Data Privacy is having a big year. The General Data Protection Regulation (GDPR) became enforceable in May 2018, along with potential fines of up to 4% of gross revenue, and many countries have passed or updated their own privacy laws to align to the GDPR framework. California passed a new privacy law that went from draft to law in under a week last June, and other states have or are considering following suit. A U.S. Federal Data Protection Law is now under serious discussion. In this environment, organizations have been working hard to meet and prepare for these privacy requirements, and they would like to know how their investments are helping their organizations beyond just meeting compliance requirements. Is there an ROI beyond fine and penalty avoidance?
Today, in observance of International Data Privacy Day, Cisco released its 2019 Data Privacy Benchmark Study revealing the impact and business benefits from data privacy investments.

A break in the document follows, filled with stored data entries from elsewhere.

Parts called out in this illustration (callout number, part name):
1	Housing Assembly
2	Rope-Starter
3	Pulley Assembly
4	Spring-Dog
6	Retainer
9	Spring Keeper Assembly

The Study draws on responses in a double-blind survey from over 3200 privacy and security professional in 18 countries.
GDPR Readiness Impact
The Study finds that organizations are benefitting from their privacy investments beyond compliance. While only 59% of companies believe they are ready for all or most of GDPR’s requirements, those that are ready are capturing substantial business benefits such as reduced sales friction and greater data security compared to the others. Specifically, GDPR-ready companies are experiencing shorter sales delays due to customer’s privacy concerns. Their average delay was 3.4 weeks compared to 5.4 weeks for those that are the least ready for GDPR.
The GDPR-ready companies are also less likely to be breached (74% were breached) compared to the least ready for GDPR (89% breached). And, most interestingly, when a breach did occur, fewer data records were impacted. GDPR-ready companies averaged 79,000 records impacted compared with 212,000 records impacted for the least GDPR-ready. As a result, only 37% of the GDPR-ready companies had data breaches costing more than $500,000, compared with 64% of the least GDPR-ready companies.
Sizing up Sales Delays
Customers are asking more questions during the sales process about how data is captured, used, stored, transferred, accessed, and deleted – and this is creating delays in the sales cycle for companies around the world. In last year’s study we found that 66% of companies had sales delays, and the average delay was 7.8 weeks. This year, we found 87% of companies reporting sales delays, and the increase is likely due to the greater awareness of privacy issues brought on by GDPR and the frequency of data breaches in the news. Interestingly, the average delay was about half that of last year, with an average 3.9 weeks delay for existing customers and 4.7 weeks for prospects. Organizations are getting better at responding to customer’s privacy questions. They are no longer scrambling to answer data privacy questions for the first time, and many have developed robust capabilities to share their data privacy policies and practices with customers and prospects as needed in the sales process.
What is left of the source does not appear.